What You Expected and Never Said 

The gap between assumption and agreement — and why it’s where most leadership friction lives.

 

This is a story for any leader who has found themselves waiting on something they never actually asked for.

Six Months of Work, Three Months of Waiting

Greg had done everything right.

Six months building the business case. Every number stress-tested. Org chart mapped, approval chain documented, presentation polished to a finish line he could see clearly. When his COO told him to bring it forward, he brought it forward — clean, detailed, and ready.

What he got back was a verbal “sounds good” and a handoff.

The handoff went to Carol, his direct supervisor, to secure final sign-off from the executive team. Greg assumed that was the end of his job. Carol would champion it. The approval would come. He would execute.

Three months later, he was still waiting.

The company built commercial aerospace components — Tier 1 supplier to three of the largest aircraft manufacturers in the world. Nothing moved without executive sponsorship. Every structural change required traceability documentation before it was real. Greg managed a significant portion of the operations division, and his reorganization proposal had gone quiet.

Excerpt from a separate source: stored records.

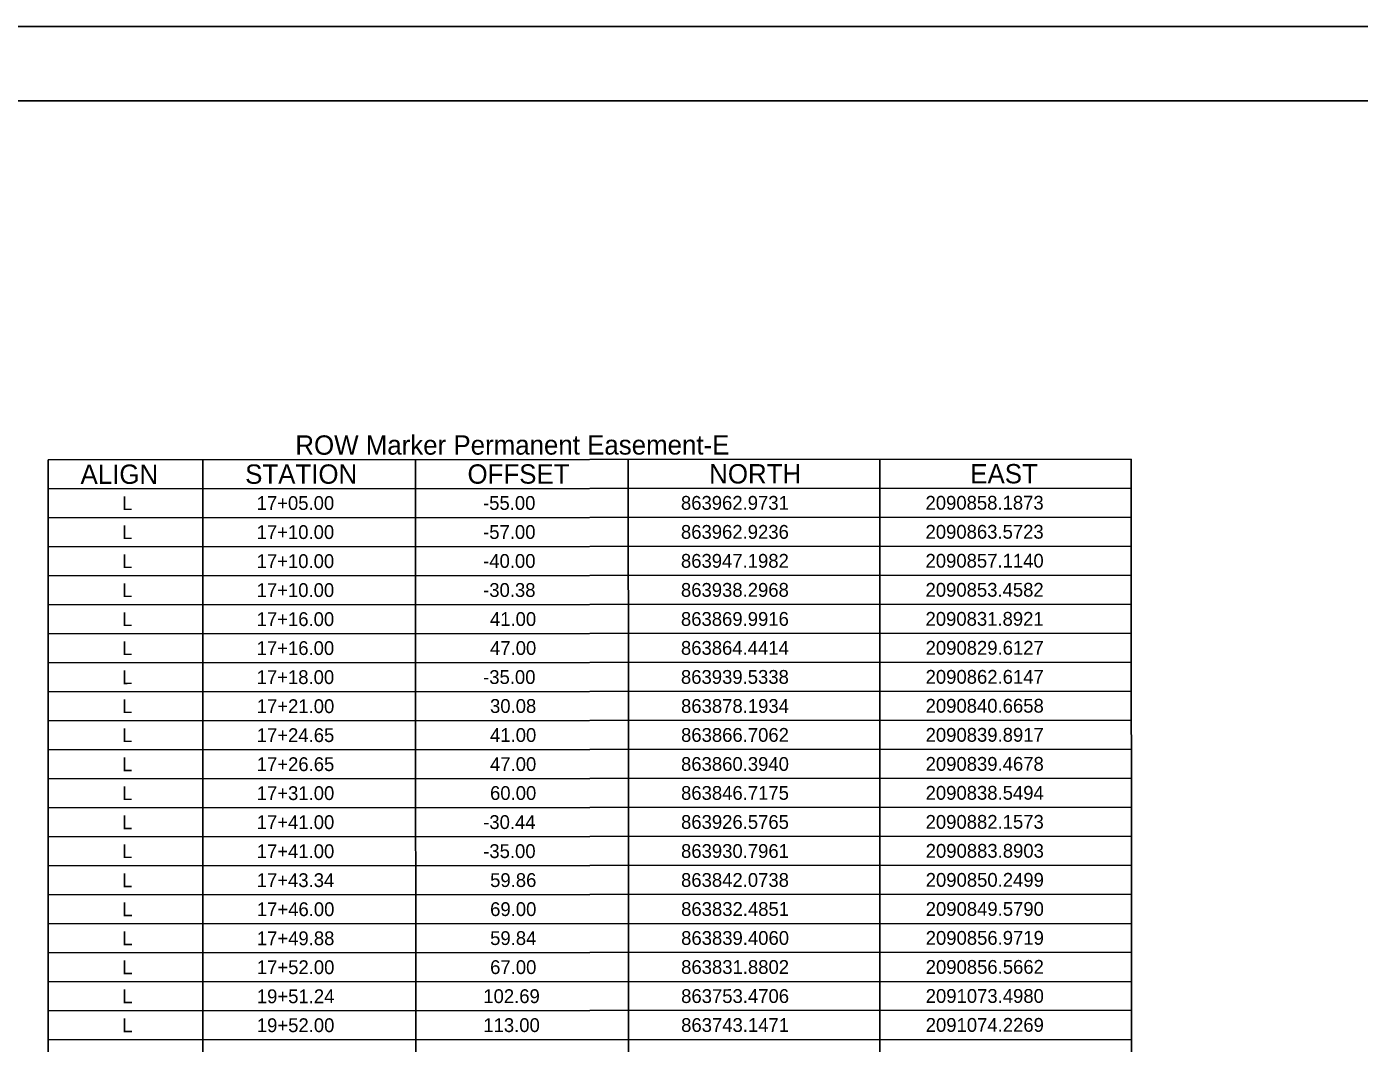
# Model space of a CAD drawing. Extents: x 2093228 to 2098328, y 861854 to 865154.
# Drawn here: x 2094038 to 2095387, y 864125 to 865154 of the extents above; entities that cross this region are included whole.
import ezdxf

# ---------------------------------------------------------------- set-up
doc = ezdxf.new("R2010")
doc.units = 0
for name, color, linetype in [('CTL Sheet Notes CELL', 7, 'Continuous'), ('CTL Sheet Table Cell', 7, 'Continuous'), ('CTL Sheet Text', 7, 'Continuous'), ('Sheet Plan CELL', 7, 'Continuous'), ('Sheet Plot Border Inside CELL', 7, 'Continuous')]:
    doc.layers.add(name, color=color, linetype=linetype)

msp = doc.modelspace()

# ---------------------------------------------------------------- linework, layer by layer
at = {"layer": 'CTL Sheet Table Cell'}
for p, q in [((2094059.8, 864715.8), (2095155.9, 864716.3)), ((2094059.8, 864715.8), (2094059.8, 864686.4)), ((2094216.3, 864715.9), (2094216.4, 864686.5)), ((2094431.7, 864716), (2094431.7, 864686.6)), ((2094647, 864716.1), (2094647, 864686.7)), ((2094901.4, 864716.2), (2094901.5, 864686.8)), ((2095155.9, 864716.3), (2095155.9, 864687)), ((2094059.8, 864686.4), (2095155.9, 864687)), ((2094059.8, 864686.4), (2094059.8, 864657.1)), ((2094216.4, 864686.5), (2094216.4, 864657.2)), ((2094431.7, 864686.6), (2094431.7, 864657.3)), ((2094647, 864686.7), (2094647, 864657.4)), ((2094901.5, 864686.8), (2094901.5, 864657.5)), ((2095155.9, 864687), (2095155.9, 864657.6)), ((2094059.8, 864657.1), (2095155.9, 864657.6)), ((2094059.8, 864657.1), (2094059.8, 864627.7)), ((2094216.4, 864657.2), (2094216.4, 864627.8)), ((2094431.7, 864657.3), (2094431.7, 864627.9)), ((2094647, 864657.4), (2094647, 864628)), ((2094901.5, 864657.5), (2094901.5, 864628.1)), ((2095155.9, 864657.6), (2095156, 864628.2)), ((2094059.8, 864627.7), (2095156, 864628.2)), ((2094059.8, 864627.7), (2094059.8, 864598.4)), ((2094216.4, 864627.8), (2094216.4, 864598.4)), ((2094431.7, 864627.9), (2094431.7, 864598.5)), ((2094647, 864628), (2094647, 864598.6)), ((2094901.5, 864628.1), (2094901.5, 864598.8)), ((2095156, 864628.2), (2095156, 864598.9)), ((2094059.8, 864598.4), (2095156, 864598.9)), ((2094059.8, 864598.4), (2094059.8, 864569)), ((2094216.4, 864598.4), (2094216.4, 864569.1)), ((2094431.7, 864598.5), (2094431.7, 864569.2)), ((2094647, 864598.6), (2094647.1, 864569.3)), ((2094901.5, 864598.8), (2094901.5, 864569.4)), ((2095156, 864598.9), (2095156, 864569.5)), ((2094059.8, 864569), (2095156, 864569.5)), ((2094059.8, 864569), (2094059.8, 864539.6)), ((2094216.4, 864569.1), (2094216.4, 864539.7)), ((2094431.7, 864569.2), (2094431.7, 864539.8)), ((2094647.1, 864569.3), (2094647.1, 864539.9)), ((2094901.5, 864569.4), (2094901.5, 864540)), ((2095156, 864569.5), (2095156, 864540.2)), ((2094059.8, 864539.6), (2095156, 864540.2)), ((2094431.7, 864539.8), (2094431.8, 864510.4)), ((2094647.1, 864539.9), (2094647.1, 864510.6)), ((2094901.5, 864540), (2094901.5, 864510.7)), ((2095156, 864540.2), (2095156, 864510.8)), ((2094059.8, 864539.6), (2094059.9, 864510.3)), ((2094216.4, 864539.7), (2094216.4, 864510.3)), ((2094059.9, 864510.3), (2095156, 864510.8)), ((2094059.9, 864510.3), (2094059.9, 864480.9)), ((2094216.4, 864510.3), (2094216.5, 864481)), ((2094431.8, 864510.4), (2094431.8, 864481.1)), ((2094647.1, 864510.6), (2094647.1, 864481.2)), ((2094901.5, 864510.7), (2094901.6, 864481.3)), ((2095156, 864510.8), (2095156, 864481.4)), ((2094059.9, 864480.9), (2095156, 864481.4)), ((2094059.9, 864480.9), (2094059.9, 864451.5)), ((2094216.5, 864481), (2094216.5, 864451.6)), ((2094431.8, 864481.1), (2094431.8, 864451.7)), ((2094647.1, 864481.2), (2094647.1, 864451.8)), ((2094901.6, 864481.3), (2094901.6, 864452)), ((2095156, 864481.4), (2095156, 864452.1)), ((2094059.9, 864451.5), (2095156, 864452.1)), ((2094059.9, 864451.5), (2094059.9, 864422.2)), ((2094216.5, 864451.6), (2094216.5, 864422.3)), ((2094431.8, 864451.7), (2094431.8, 864422.4)), ((2094647.1, 864451.8), (2094647.1, 864422.5)), ((2094901.6, 864452), (2094901.6, 864422.6)), ((2095156, 864452.1), (2095156.1, 864422.7)), ((2094059.9, 864422.2), (2095156.1, 864422.7)), ((2094059.9, 864422.2), (2094059.9, 864392.8)), ((2094216.5, 864422.3), (2094216.5, 864392.9)), ((2094431.8, 864422.4), (2094431.8, 864393)), ((2094647.1, 864422.5), (2094647.1, 864393.1)), ((2094901.6, 864422.6), (2094901.6, 864393.2)), ((2095156.1, 864422.7), (2095156.1, 864393.4)), ((2094059.9, 864392.8), (2095156.1, 864393.4)), ((2094059.9, 864392.8), (2094059.9, 864363.5)), ((2094216.5, 864392.9), (2094216.5, 864363.5)), ((2094431.8, 864393), (2094431.8, 864363.6)), ((2094647.1, 864393.1), (2094647.2, 864363.7)), ((2094901.6, 864393.2), (2094901.6, 864363.9)), ((2095156.1, 864393.4), (2095156.1, 864364)), ((2094059.9, 864363.5), (2095156.1, 864364)), ((2094059.9, 864363.5), (2094059.9, 864334.1)), ((2094216.5, 864363.5), (2094216.5, 864334.2)), ((2094431.8, 864363.6), (2094431.8, 864334.3)), ((2094647.2, 864363.7), (2094647.2, 864334.4)), ((2094901.6, 864363.9), (2094901.6, 864334.5)), ((2095156.1, 864364), (2095156.1, 864334.6)), ((2094059.9, 864334.1), (2095156.1, 864334.6)), ((2094059.9, 864334.1), (2094059.9, 864304.7)), ((2094216.5, 864334.2), (2094216.5, 864304.8)), ((2094431.8, 864334.3), (2094431.9, 864304.9)), ((2094647.2, 864334.4), (2094647.2, 864305)), ((2094901.6, 864334.5), (2094901.6, 864305.1)), ((2095156.1, 864334.6), (2095156.1, 864305.3)), ((2094059.9, 864304.7), (2095156.1, 864305.3)), ((2094059.9, 864304.7), (2094060, 864275.4)), ((2094216.5, 864304.8), (2094216.6, 864275.5)), ((2094431.9, 864304.9), (2094431.9, 864275.6)), ((2094647.2, 864305), (2094647.2, 864275.7)), ((2094901.6, 864305.1), (2094901.7, 864275.8)), ((2095156.1, 864305.3), (2095156.1, 864275.9)), ((2094060, 864275.4), (2095156.1, 864275.9)), ((2094060, 864275.4), (2094060, 864246)), ((2094216.6, 864275.5), (2094216.6, 864246.1)), ((2094431.9, 864275.6), (2094431.9, 864246.2)), ((2094647.2, 864275.7), (2094647.2, 864246.3)), ((2094901.7, 864275.8), (2094901.7, 864246.4)), ((2095156.1, 864275.9), (2095156.1, 864246.5)), ((2094060, 864246), (2095156.1, 864246.5)), ((2094060, 864246), (2094060, 864216.7)), ((2094216.6, 864246.1), (2094216.6, 864216.7)), ((2094431.9, 864246.2), (2094431.9, 864216.8)), ((2094647.2, 864246.3), (2094647.2, 864216.9)), ((2094901.7, 864246.4), (2094901.7, 864217.1)), ((2095156.1, 864246.5), (2095156.2, 864217.2)), ((2094060, 864216.7), (2095156.2, 864217.2)), ((2094060, 864216.7), (2094060, 864187.3)), ((2094216.6, 864216.7), (2094216.6, 864187.4)), ((2094431.9, 864216.8), (2094431.9, 864187.5)), ((2094647.2, 864216.9), (2094647.2, 864187.6)), ((2094901.7, 864217.1), (2094901.7, 864187.7)), ((2095156.2, 864217.2), (2095156.2, 864187.8)), ((2094060, 864187.3), (2095156.2, 864187.8)), ((2094060, 864187.3), (2094060, 864157.9)), ((2094216.6, 864187.4), (2094216.6, 864158)), ((2094431.9, 864187.5), (2094431.9, 864158.1)), ((2094647.2, 864187.6), (2094647.3, 864158.2)), ((2094901.7, 864187.7), (2094901.7, 864158.3)), ((2095156.2, 864187.8), (2095156.2, 864158.5)), ((2094060, 864157.9), (2095156.2, 864158.5)), ((2094060, 864157.9), (2094060, 864128.6)), ((2094216.6, 864158), (2094216.6, 864128.6)), ((2094431.9, 864158.1), (2094431.9, 864128.7)), ((2094647.3, 864158.2), (2094647.3, 864128.9)), ((2094901.7, 864158.3), (2094901.7, 864129)), ((2095156.2, 864158.5), (2095156.2, 864129.1)), ((2094060, 864128.6), (2095156.2, 864129.1)), ((2094060, 864128.6), (2094060, 864099.2)), ((2094216.6, 864128.6), (2094216.6, 864099.3)), ((2094431.9, 864128.7), (2094432, 864099.4)), ((2094647.3, 864128.9), (2094647.3, 864099.5)), ((2094901.7, 864129), (2094901.7, 864099.6)), ((2095156.2, 864129.1), (2095156.2, 864099.7))]:
    msp.add_line(p, q, dxfattribs=at)
at = {"layer": 'Sheet Plan CELL'}
msp.add_lwpolyline([(2093753.4, 865079.1), (2098253.4, 865079.1), (2098253.4, 861929.1), (2093753.4, 861929.1)], close=True, dxfattribs=at)
at = {"layer": 'Sheet Plot Border Inside CELL'}
msp.add_lwpolyline([(2098328.4, 865154.1), (2093228.4, 865154.1), (2093228.4, 861854.1), (2098328.4, 861854.1)], close=True, dxfattribs=at)

# ---------------------------------------------------------------- texts
at = {"layer": 'CTL Sheet Notes CELL'}
for s, height, p in [('ROW Marker Permanent Easement-E', 19.574, (2094310.1, 864720.8)), ('ALIGN', 19.57, (2094092.7, 864691.3)), ('STATION', 19.57, (2094259.3, 864691.4)), ('OFFSET', 19.57, (2094484.3, 864691.5)), ('NORTH', 19.57, (2094728.9, 864691.7)), ('EAST', 19.57, (2094993.1, 864691.8))]:
    msp.add_text(s, height=height, rotation=0.0276, dxfattribs=at).set_placement(p)
at = {"layer": 'CTL Sheet Text'}
for s, height, p in [('L', 14, (2094134.7, 864664.8)), ('17+05.00', 13.98, (2094270.9, 864664.9)), ('-55.00', 13.98, (2094500, 864665)), ('863962.9731', 13.982, (2094700.3, 864665.1)), ('2090858.1873', 13.982, (2094947.8, 864665.2)), ('L', 14, (2094134.7, 864635.4)), ('17+10.00', 13.98, (2094270.9, 864635.5)), ('-57.00', 13.98, (2094500.1, 864635.6)), ('863962.9236', 13.982, (2094700.3, 864635.7)), ('2090863.5723', 13.982, (2094947.8, 864635.8)), ('2090857.1140', 13.982, (2094947.8, 864606.5)), ('L', 14, (2094134.7, 864606.1)), ('17+10.00', 13.98, (2094270.9, 864606.1)), ('-40.00', 13.98, (2094500.1, 864606.3)), ('863947.1982', 13.982, (2094700.3, 864606.4)), ('L', 14, (2094134.7, 864576.7)), ('17+10.00', 13.98, (2094270.9, 864576.8)), ('-30.38', 13.98, (2094500.1, 864576.9)), ('863938.2968', 13.982, (2094700.3, 864577)), ('2090853.4582', 13.982, (2094947.8, 864577.1)), ('L', 14, (2094134.7, 864547.4)), ('17+16.00', 13.98, (2094270.9, 864547.4)), ('41.00', 13.98, (2094507, 864547.5)), ('863869.9916', 13.982, (2094700.3, 864547.6)), ('2090831.8921', 13.982, (2094947.8, 864547.7)), ('L', 14, (2094134.7, 864518)), ('17+16.00', 13.98, (2094270.9, 864518.1)), ('47.00', 13.98, (2094507.1, 864518.2)), ('863864.4414', 13.982, (2094700.3, 864518.3)), ('2090829.6127', 13.982, (2094947.9, 864518.4)), ('L', 14, (2094134.7, 864488.6)), ('17+18.00', 13.98, (2094270.9, 864488.7)), ('-35.00', 13.98, (2094500.1, 864488.8)), ('863939.5338', 13.982, (2094700.3, 864488.9)), ('2090862.6147', 13.982, (2094947.9, 864489)), ('L', 14, (2094134.8, 864459.3)), ('17+21.00', 13.98, (2094271, 864459.3)), ('30.08', 13.98, (2094507.1, 864459.5)), ('863878.1934', 13.982, (2094700.4, 864459.5)), ('2090840.6658', 13.982, (2094947.9, 864459.7)), ('L', 14, (2094134.8, 864429.9)), ('17+24.65', 13.98, (2094271, 864430)), ('41.00', 13.98, (2094507.1, 864430.1)), ('863866.7062', 13.982, (2094700.4, 864430.2)), ('2090839.8917', 13.982, (2094947.9, 864430.3)), ('L', 14, (2094134.8, 864400.5)), ('17+26.65', 13.98, (2094271, 864400.6)), ('47.00', 13.98, (2094507.1, 864400.7)), ('863860.3940', 13.982, (2094700.4, 864400.8)), ('2090839.4678', 13.982, (2094947.9, 864400.9)), ('L', 14, (2094134.8, 864371.2)), ('17+31.00', 13.98, (2094271, 864371.3)), ('60.00', 13.98, (2094507.1, 864371.4)), ('863846.7175', 13.982, (2094700.4, 864371.5)), ('2090838.5494', 13.982, (2094947.9, 864371.6)), ('L', 14, (2094134.8, 864341.8)), ('17+41.00', 13.98, (2094271, 864341.9)), ('-30.44', 13.98, (2094500.2, 864342)), ('863926.5765', 13.982, (2094700.4, 864342.1)), ('2090882.1573', 13.982, (2094947.9, 864342.2)), ('L', 14, (2094134.8, 864312.5)), ('17+41.00', 13.98, (2094271, 864312.5)), ('-35.00', 13.98, (2094500.2, 864312.6)), ('863930.7961', 13.982, (2094700.4, 864312.7)), ('2090883.8903', 13.982, (2094948, 864312.9)), ('L', 14, (2094134.8, 864283.1)), ('17+43.34', 13.98, (2094271, 864283.2)), ('59.86', 13.98, (2094507.2, 864283.3)), ('863842.0738', 13.982, (2094700.4, 864283.4)), ('2090850.2499', 13.982, (2094948, 864283.5)), ('L', 14, (2094134.9, 864253.7)), ('17+46.00', 13.98, (2094271.1, 864253.8)), ('69.00', 13.98, (2094507.2, 864253.9)), ('863832.4851', 13.982, (2094700.5, 864254)), ('2090849.5790', 13.982, (2094948, 864254.1)), ('L', 14, (2094134.9, 864224.4)), ('17+49.88', 13.98, (2094271.1, 864224.4)), ('59.84', 13.98, (2094507.2, 864224.6)), ('863839.4060', 13.982, (2094700.5, 864224.7)), ('2090856.9719', 13.982, (2094948, 864224.8)), ('L', 14, (2094134.9, 864195)), ('17+52.00', 13.98, (2094271.1, 864195.1)), ('67.00', 13.98, (2094507.2, 864195.2)), ('863831.8802', 13.982, (2094700.5, 864195.3)), ('2090856.5662', 13.982, (2094948, 864195.4)), ('L', 14, (2094134.9, 864165.7)), ('19+51.24', 13.98, (2094271.1, 864165.7)), ('102.69', 13.98, (2094500.3, 864165.8)), ('863753.4706', 13.982, (2094700.5, 864165.9)), ('2091073.4980', 13.982, (2094948, 864166)), ('L', 14, (2094134.9, 864136.3)), ('19+52.00', 13.98, (2094271.1, 864136.4)), ('113.00', 13.98, (2094500.3, 864136.5)), ('863743.1471', 13.982, (2094700.5, 864136.6)), ('2091074.2269', 13.982, (2094948, 864136.7))]:
    msp.add_text(s, height=height, rotation=0.0276, dxfattribs=at).set_placement(p)

doc.saveas('drawing.dxf')

He came into his coaching session that morning with the frustration already on his face.

 

What Carol Should Have Done

“Walk me through it,” the coach said.

Greg laid it out. Carol was supposed to champion this. She was supposed to get in the room with the executive team, put her authority behind the plan, and get the yes. That’s how it works. He’d done his part.

“And did you tell her that?” the coach asked.

“I briefed her thoroughly. She knows the whole picture.”

“That’s not what I asked. Did you tell her — specifically — what you needed her to do?”

Greg paused. “I told her I needed her support.”

“Okay. What does support look like in this situation?”

Greg opened his mouth and then closed it.

“Because I’m hearing you describe what Carol should have done — champion the plan, get in the room, get the yes. And I want to ask: did you ever say those words to her? Not implied them. Said them.”

The silence sat for a moment.

“No,” Greg said. “I assumed she’d know.”

“The expectations that cause the most damage in working relationships aren’t the unreasonable ones. They’re the reasonable ones nobody ever named.”

The Mistake Greg Almost Made

“So I need to pause my expectations of her,” Greg said. “Give her more time. Back off.”

The coach shook his head. “I want to push back on that.”

Greg looked up.

“Pausing your expectations isn’t the answer. You had a clear picture of what you needed — schedule the meeting, walk in with her authority behind the plan, get the yes. That wasn’t an unreasonable ask. It was a completely reasonable one.” The coach paused. “The problem isn’t that you expected too much. The problem is that you expected without ever making the contract explicit.”

Greg sat back. “I should have told her exactly what I needed?”

“What do you think?”

“I mean — yes. Obviously.” He let out a short laugh. “But I guess I thought it was so obvious I didn’t have to.”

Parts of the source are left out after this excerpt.